==== Record excerpts ====

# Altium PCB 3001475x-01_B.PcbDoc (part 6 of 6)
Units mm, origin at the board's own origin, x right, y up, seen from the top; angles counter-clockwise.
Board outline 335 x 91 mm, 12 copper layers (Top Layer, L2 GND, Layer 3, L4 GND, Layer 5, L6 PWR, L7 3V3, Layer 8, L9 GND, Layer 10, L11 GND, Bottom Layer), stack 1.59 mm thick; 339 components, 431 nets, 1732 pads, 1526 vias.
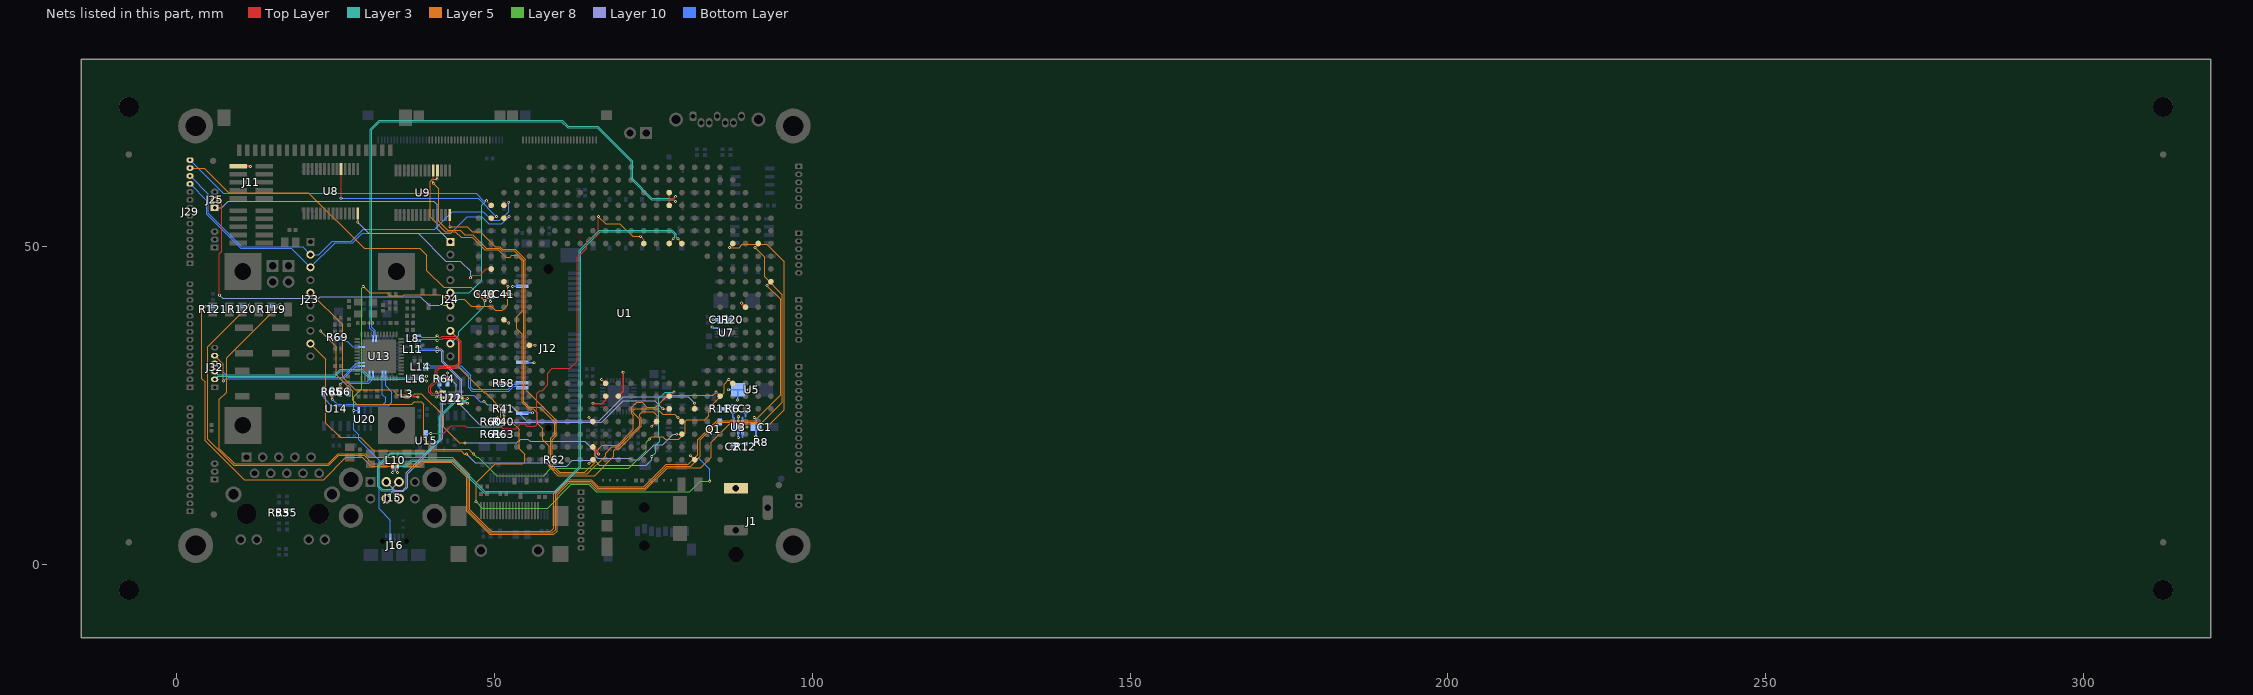
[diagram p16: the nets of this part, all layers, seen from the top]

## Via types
v1: diameter 0.45, hole 0.2, Top Layer to Bottom Layer, 1511 vias
v2: diameter 0.5, hole 0.2, Top Layer to Bottom Layer, 14 vias
v3: diameter 0.45/0.45/0.45/0.45/0.45/0.45/0.45/0.45/0.45/0.45/0.45/0.45 (per signal layer), hole 0.2, Top Layer to Bottom Layer, 1 vias

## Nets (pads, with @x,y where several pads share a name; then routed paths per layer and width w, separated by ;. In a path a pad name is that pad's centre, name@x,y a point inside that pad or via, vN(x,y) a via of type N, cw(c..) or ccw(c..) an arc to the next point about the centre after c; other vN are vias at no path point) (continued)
UART3_RTS_N: U1.AA15 U9.18 | length 88
  Top Layer w0.125: v1(41,60.625) U9.18@41,61.975 ; v1(74.75,21.75) U1.AA15@75.5,22.5
  Layer 5 w0.125: v1(41,60.625) 40.25,60.625 39.875,60.25 39.875,54.75 42.25,52.375 43.875,52.375 44.75,51.5 46.5,51.5 48.5,49.5 50.625,49.5 51.75,48.375 52.5,48.375 52.75,48.625 53.521,48.625 54.375,47.771 54.375,39.875 53.5,39 53.5,37.125 54.375,36.25 54.375,25.521 55.396,24.5 55.604,24.5 56.125,24.5 56.75,23.875 56.75,22.25 57.625,21.375 57.625,19.625 58.625,18.625 58.625,15.375 60,14 65.75,14 68.75,17 68.75,17.875 69.125,18.25 69.625,18.25 73.125,21.75 73.125,23 72.875,23.25 72.875,23.625 73.25,24 75,24 75.625,23.375 75.625,22.625 v1(74.75,21.75)
UART3_RX: U1.AA17 U9.19 | length 89.1
  Top Layer w0.125: v1(40.375,60) U9.19@40.375,62 ; v1(78.875,23.125) U1.AA17@79.5,22.5
  Layer 5 w0.125: v1(40.375,60) 41.25,59.125 41.25,54 42.625,52.625 44.625,52.625 45.375,51.875 46.625,51.875 48.75,49.75 50.75,49.75 51.125,49.375 53.125,49.375 54.625,47.875 54.625,25.625 55.5,24.75 57.125,24.75 59.5,22.375 59.5,20.5 58.875,19.875 58.875,15.5 60.125,14.25 64.625,14.25 67.5,17.125 67.5,17.5 68.5,18.5 69.5,18.5 72.875,21.875 72.875,22.875 71.875,23.875 71.875,24.25 72.125,24.5 75.625,24.5 76.5,23.625 78.375,23.625 v1(78.875,23.125)
UART3_TX: U1.W20 U9.14 | length 86.8
  Top Layer w0.125: U9.14@42.975,55 42.975,53.15 v1(43,53.125) ; U9.14@43,55 U9.14@43,55.025 ; v1(84.875,27.125) U1.W20@85.5,26.5
  Layer 5 w0.125: v1(43,53.125) 45.75,53.125 46.5,52.375 47.75,52.375 50.125,50 50.875,50 51.25,49.625 53.25,49.625 54.875,48 54.875,27.583 59.75,22.708 59.75,20.25 59.125,19.625 59.125,15.625 60.25,14.5 64.25,14.5 65.875,16.125 65.875,17.625 67,18.75 69.375,18.75 71.875,21.25 71.875,23.5 71.625,23.75 71.625,24.75 72.375,25.5 73.25,25.5 74,24.75 75.375,24.75 77.25,26.625 84.375,26.625 v1(84.875,27.125)
UART4_RX: U1.E2 U8.19 | length 31.1
  Top Layer w0.125: v1(25.875,57.625) U8.19@25.875,62.228 ; U1.E2@49.5,54.5 v1(50.325,54.75)
  Bottom Layer w0.125: v1(25.875,57.625) 47.45,57.625 v1(50.325,54.75)
UART4_TX: U1.J2 U8.14 | length 27.2
  Top Layer w0.125: v1(28.5,53.875) U8.14@28.5,55.247 ; v1(46.25,45.125) 46.625,45.5 47.75,45.5 48.75,46.5 U1.J2@49.5,46.5
  Layer 10 w0.125: v1(28.5,53.875) 30.25,52.125 38,52.125 42.375,47.75 44.625,47.75 46.25,46.125 v1(46.25,45.125)
UART5_CTS_N: J24.5 J29.14 U1.D2 | length 68.9
  Top Layer w0.125: v1(48.75,57.25) U1.D2@49.5,56.5
  Layer 3 w0.125: J24.5@43.072,42.758 46.008,42.758 48,44.75 48,56.5 v1(48.75,57.25)
  Bottom Layer w0.125: J29.14@2.125,63.625 7.375,58.375 47.125,58.375 48.25,57.25 v1(48.75,57.25)
UART5_RTS_N: J24.9 J29.13 U1.L2 | length 67.4
  Top Layer w0.125: v1(48.5,41.5) U1.L2@49.5,42.5
  Layer 5 w0.125: J29.13@2.125,62.375 4.375,62.375 8.25,58.5 20.75,58.5 29.5,49.75 38.25,49.75 39.375,48.625 39.375,46.25 42,43.625 46.375,43.625 v1(48.5,41.5)
  Layer 3 w0.125: J24.9@43.072,34.758 44.375,36.061 44.375,36.625 48.5,40.75 v1(48.5,41.5)
  Bottom Layer w0.125: 2,62.875 2,62.625 2.125,62.5 J29.13@2.125,62.375
UART5_RX: J23.2 J29.12 U1.D3 | length 63.3
  Top Layer w0.125: U1.D3@51.5,56.5 v1(52.25,57)
  Bottom Layer w0.125: J29.12@2.125,61.125 5,58.25 5,55.25 10.25,50 19.83,50 J23.2@21.072,48.758 22.367,48.758 24.5,50.891 27.516,50.891 29.375,52.75 40.625,52.75 43.375,55.5 48.25,55.5 49.625,54.125 50.875,54.125 52.25,55.5 v1(52.25,57)
UART5_TX: J23.3 J29.11 U1.E3 | length 61.9
  Top Layer w0.125: U1.E3@51.5,54.5 v1(52.3,54.75)
  Bottom Layer w0.125: J29.11@2.125,59.875 4.75,57.25 4.75,55.125 10.125,49.75 18.08,49.75 J23.3@21.072,46.758 24.939,50.625 27.75,50.625 29.25,52.125 43.125,52.125 45.75,54.75 48,54.75 49.125,53.625 51.175,53.625 v1(52.3,54.75)
USB_HUB_RESET_N: R69.2 U1.V21 U13.26 | length 99.4
  Top Layer w0.125: v1(86.875,29.125) U1.V21@87.5,28.5
  Layer 8 w0.125: v1(46.75,17.375) 47.25,16.875 47.5,16.875 50.375,14 57.771,14 58.896,15.125 71.125,15.125 73.875,17.875 73.875,19.25 v1(74.375,19.75)
  Layer 5 w0.125: v1(22.625,36.75) 25.125,34.25 25.125,29.875 27.75,27.25 27.75,25.875 28.375,25.25 37,25.25 37.375,25.625 38.5,25.625 38.875,25.25 38.875,19.75 40.5,18.125 46,18.125 v1(46.75,17.375) ; v1(74.375,19.75) 74.75,20.125 76.5,20.125 76.875,19.75 79,19.75 80,20.75 80,22.5 80.25,22.75 83.125,22.75 83.75,23.375 83.75,24.625 86.125,27 86.125,28.375 v1(86.875,29.125)
  Bottom Layer w0.125: v1(22.625,36.75) 24.25,35.125 25.25,35.125 25.855,35.73 R69.2@25.855,35.75 26.48,35.125 26.875,35.125 27.75,34.25 U13.26@29.075,34.25
USB_OTG_D_N: L10.1 U1.G16 | length 87
  Top Layer w0.155: v1(34.75,14.5) 34.75,14.923 34.775,14.948 L10.1@34.775,15.525 ; U1.G16@77.5,50.5 v1(78.125,51.25)
  Layer 3 w0.103: v1(34.75,14.5) 34.49,14.76 34.49,15.191 34.745,15.446 36.246,15.446 37.046,16.246 43.429,16.246 48.354,11.321 59.571,11.321 63.575,15.325 63.575,49.325 66.625,52.375 77.876,52.375 78.385,51.866 78.385,51.51 v1(78.125,51.25)
USB_OTG_D_P: L10.4 U1.G17 | length 87.8
  Top Layer w0.155: L10.4@33.975,15.525 33.975,14.948 34,14.923 v1(34,14.5) ; v1(78.875,51.25) U1.G17@79.5,50.5
  Layer 3 w0.103: v1(34,14.5) 34.261,14.76 34.261,15.285 34.65,15.675 36.151,15.675 36.951,16.475 43.524,16.475 48.449,11.55 59.476,11.55 63.346,15.42 63.346,49.42 66.53,52.604 77.971,52.604 78.615,51.96 78.615,51.51 v1(78.875,51.25)
USB_OTG_ID: J16.4 U1.K3 U20.1 | length 72
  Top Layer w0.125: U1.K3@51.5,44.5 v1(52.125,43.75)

====

If a line above includes the string "layers", pick it out.

Result for this exercise:
Board outline 335 x 91 mm, 12 copper layers (Top Layer, L2 GND, Layer 3, L4 GND, Layer 5, L6 PWR, L7 3V3, Layer 8, L9 GND, Layer 10, L11 GND, Bottom Layer), stack 1.59 mm thick; 339 components, 431 nets, 1732 pads, 1526 vias.
[diagram p16: the nets of this part, all layers, seen from the top]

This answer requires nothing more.